The legend goes, that trolls are adorably cute little creatures who absolutely have zero cares in the world. They love to sing, dance and make merry all the day long. The only thing is there is a race of creatures out there who AREN’T like that. These grumpy, dissatisfied, unhappy, foul creatures are known as the Bergen. The antithesis of the happy trolls, they capture the little creatures and keep them in Bergentown where they eat trolls each year in order to absorb some of their happiness for a short while (a really disturbing thought if you think about it for very long). One year King Gristle Sr. (John Cleese) is ready to pass on the torch to his son, Gristle Jr. (Christopher Mintz-Plasse) by having him eat his very first troll. The only thing is that the trolls have managed to escape from their prison and out into the wild once more.

Furious about the loss of his trolls, King Gristle banishes the chef in charge of the operation (played by Christine Baranski) out into the wilderness. Fast forward 20 years and the trolls have made a life for themselves far away from the horrors of Bergentown. Singing, dancing and making merry are once again part of everyday life for the princess Poppy (Anna Kendrick) and her band of friends. The only one who ISN’T so merry is a bitter little troll by the name of Branch (Justin Timberlake) who is paranoid that the Bergens will overhear the partying and come find them once more. Completely ignoring the advice from Branch, the rest of the troll’s party like its 1999 only to ACTUALLY attract the attention of the Chef, who has been searching the woods for the past 20 years in hopes of redeeming herself in the eyes of the king.
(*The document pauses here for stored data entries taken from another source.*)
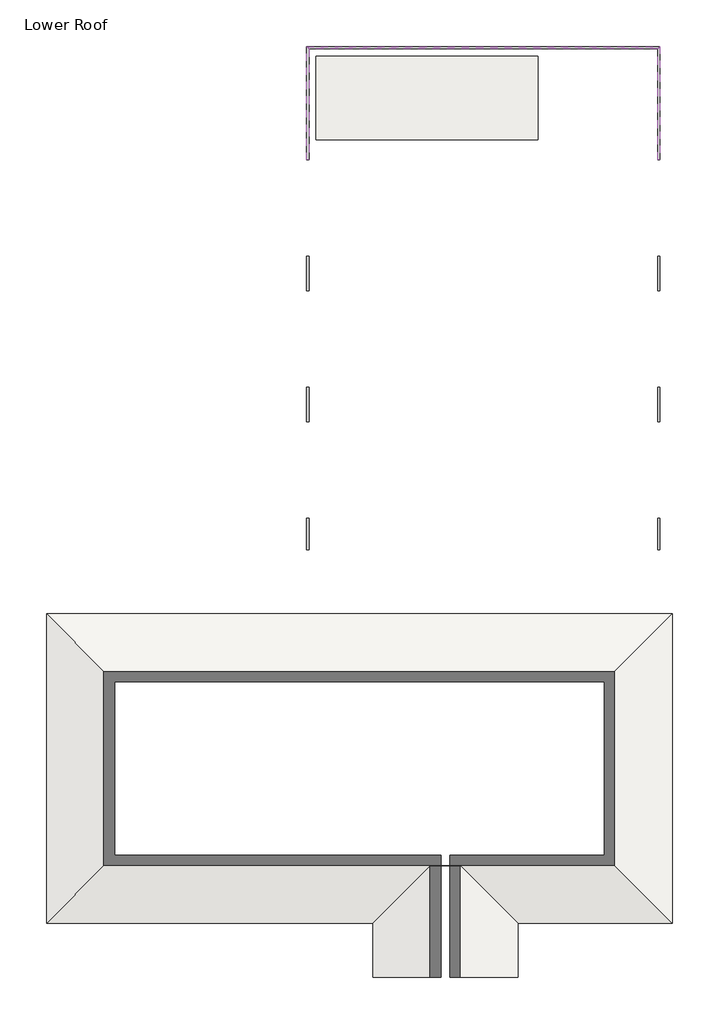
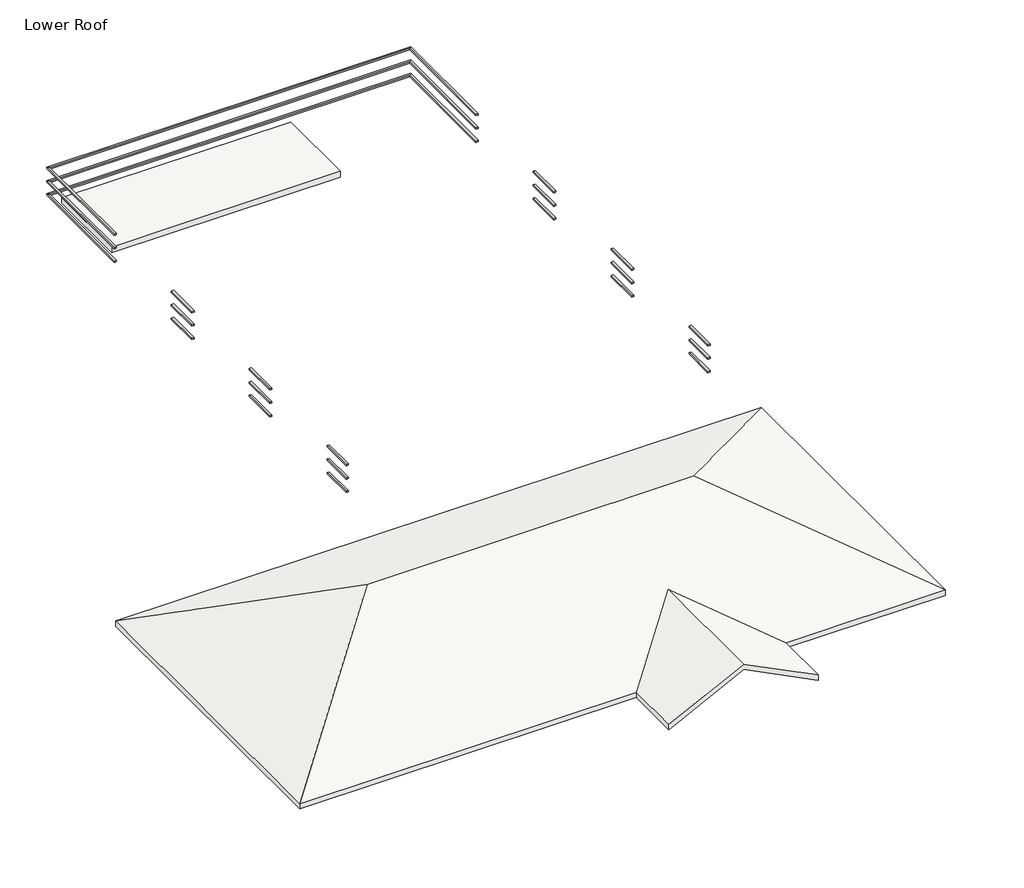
# One storey: 9 proxies, 1 roof, 1 slab.
"""IFC4 building model written with IfcOpenShell, lengths in millimetres."""

import ifcopenshell
import ifcopenshell.guid

model = None  # the IFC model being written
_history = None  # IfcOwnerHistory: only IFC2X3 demands one
_inside = {}  # id of a spatial element -> (the spatial element, [elements in it])
_under = {}  # id of a project, library or spatial element -> (it, [spatial elements below it])
_declared = {}  # id of a project -> (the project, [libraries it declares])
_typed = {}  # id of a type object -> (the type object, [elements of that type])
_made_of = {}  # id of a material, layer set ... -> (it, [elements and type objects made of it])


def new_model(schema):
    """Start an empty IFC model of exactly this schema.

    Asked for "IFC4X3", IfcOpenShell would pick the latest addendum, in which some entities
    have other attributes; the version numbers below select the first issue.
    IFC2X3 requires an IfcOwnerHistory on every rooted entity: one is made here for all.
    """
    global model, _history
    if schema == "IFC4X3":
        model = ifcopenshell.file(schema_version=(4, 3, 0, 0))
    else:
        model = ifcopenshell.file(schema=schema)
    _inside.clear()
    _under.clear()
    _declared.clear()
    _typed.clear()
    _made_of.clear()
    _history = None
    if model.schema == "IFC2X3":
        org = make("IfcOrganization", Name="unknown")
        user = make(
            "IfcPersonAndOrganization",
            ThePerson=make("IfcPerson", FamilyName="unknown"),
            TheOrganization=org,
        )
        app = make(
            "IfcApplication",
            ApplicationDeveloper=org,
            Version="unknown",
            ApplicationFullName="unknown",
            ApplicationIdentifier="unknown",
        )
        _history = make(
            "IfcOwnerHistory",
            OwningUser=user,
            OwningApplication=app,
            ChangeAction="ADDED",
            CreationDate=0,
        )
    return model


def make(cls, **values):
    """One entity of the class cls with the attributes given. An attribute that is None is left unset."""
    return model.create_entity(
        cls, **{name: value for name, value in values.items() if value is not None}
    )


def rooted(cls, **values):
    """An entity with a GlobalId (a new one), such as an element, a storey or a relation."""
    return make(cls, GlobalId=ifcopenshell.guid.new(), OwnerHistory=_history, **values)


def si_unit(unit_type, name, prefix=None):
    """IfcSIUnit, for example si_unit("LENGTHUNIT", "METRE", prefix="MILLI")."""
    return make("IfcSIUnit", UnitType=unit_type, Prefix=prefix, Name=name)


def assignment(units):
    """IfcUnitAssignment: the units of a project."""
    return None if units is None else make("IfcUnitAssignment", Units=units)


def point(xyz):
    """IfcCartesianPoint."""
    return None if xyz is None else make("IfcCartesianPoint", Coordinates=xyz)


def direction(xyz):
    """IfcDirection."""
    return None if xyz is None else make("IfcDirection", DirectionRatios=xyz)


def frame(location, z_axis=None, x_axis=None):
    """IfcAxis2Placement3D, a coordinate frame: its origin and axes. An axis left out is left unset."""
    return make(
        "IfcAxis2Placement3D",
        Location=point(location),
        Axis=direction(z_axis),
        RefDirection=direction(x_axis),
    )


def origin():
    """The frame at (0, 0, 0) with its axes left unset."""
    return frame((0.0, 0.0, 0.0))


def place(relative_to, where):
    """IfcLocalPlacement: puts the frame where relative to a parent placement (None: the world)."""
    return make(
        "IfcLocalPlacement", PlacementRelTo=relative_to, RelativePlacement=where
    )


def context(
    kind, dimensions, precision=None, world=None, true_north=None, identifier=None
):
    """IfcGeometricRepresentationContext, for example the 3D "Model" context."""
    return make(
        "IfcGeometricRepresentationContext",
        ContextIdentifier=identifier,
        ContextType=kind,
        CoordinateSpaceDimension=dimensions,
        Precision=precision,
        WorldCoordinateSystem=world,
        TrueNorth=true_north,
    )


def project(units=None, contexts=None):
    """IfcProject with its units and contexts."""
    return rooted(
        "IfcProject",
        Name="project",
        RepresentationContexts=contexts,
        UnitsInContext=assignment(units),
    )


def spatial(cls, under=None, at=None, **own):
    """A site, building, storey or space (cls), placed at a placement, below another one or the project."""
    s = rooted(cls, ObjectPlacement=at, **own)
    if under is not None:
        _under.setdefault(under.id(), (under, []))[1].append(s)
    return s


def polyline(points):
    """IfcPolyline through the points."""
    return make("IfcPolyline", Points=[point(p) for p in points])


def outline(outer, holes=None, kind="AREA"):
    """IfcArbitraryClosedProfileDef: a profile drawn as a closed curve; with holes, ...WithVoids."""
    if holes is None:
        return make("IfcArbitraryClosedProfileDef", ProfileType=kind, OuterCurve=outer)
    return make(
        "IfcArbitraryProfileDefWithVoids",
        ProfileType=kind,
        OuterCurve=outer,
        InnerCurves=holes,
    )


def extrude(swept, where, along, depth):
    """IfcExtrudedAreaSolid: the profile swept, set in the frame where, extruded along a direction by depth."""
    return make(
        "IfcExtrudedAreaSolid",
        SweptArea=swept,
        Position=where,
        ExtrudedDirection=direction(along),
        Depth=depth,
    )


def faces_of(points, faces, orient=None, outer=None):
    """IfcFace entities. A face is a list of loops; a loop is a list of indices into points, from 0.

    orient and outer hold one flag for each loop. By default every Orientation is true, the
    first loop of a face is its IfcFaceOuterBound and the others are IfcFaceBound.
    """
    made = []
    for i, loops in enumerate(faces):
        bounds = []
        for j, loop in enumerate(loops):
            is_outer = j == 0 if outer is None else outer[i][j]
            bounds.append(
                make(
                    "IfcFaceOuterBound" if is_outer else "IfcFaceBound",
                    Bound=make("IfcPolyLoop", Polygon=[points[k] for k in loop]),
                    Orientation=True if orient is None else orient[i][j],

[img]http://www.hometheatershack.com/gallery/file.php?n=90698[/img]Able to capture only a small handful of trolls, Chef heads back to King Gristle Jr. (now taking over for his father) her prize in an effort to regain her seat of power amidst her own kind once more. By, you know, serving up the trolls as a feast. While everyone is desperate to find a new home and escape with what members they still have left in their tribe, Princess Poppy refuses to accept defeat and heads out with Branch to try and find the trolls in Bergentown. On her journey she finds herself face to face with a young Bergen scullery maid named Bridget (Zooey Deschanel) who is in love with young King Gristle, opening up the perfect opportunity for her to get close to the captured trolls and free them before they get munched on for dinner.

“Trolls” is a very light and fluffy film. Outside of the basic premise of saving the trolls from certain death and the underlying theme of finding happiness in your SELF, the plot of pretty paper thin. It’s mostly just a giant excuse for pop songs and animated dancing in order to entertain the kiddies. And I’m not saying that it DOESN’T entertain either. The cute kids flick was actually a whole lot better of a film than I was expecting, and while it isn’t high art, makes for a toe tapping good time. The sparkling personality of the adorable Anna Kendrick is partially the reason for that success, as she exudes cheerfulness at every turn and Justin Timberlake’s sourpuss Branch makes the perfect opposing star for her. The film has pretty much every major pop song in it for the last 10 years or so and takes up a good majority of the time, and it adds a sense of upbeat fun to the movie that otherwise would have been pretty bland.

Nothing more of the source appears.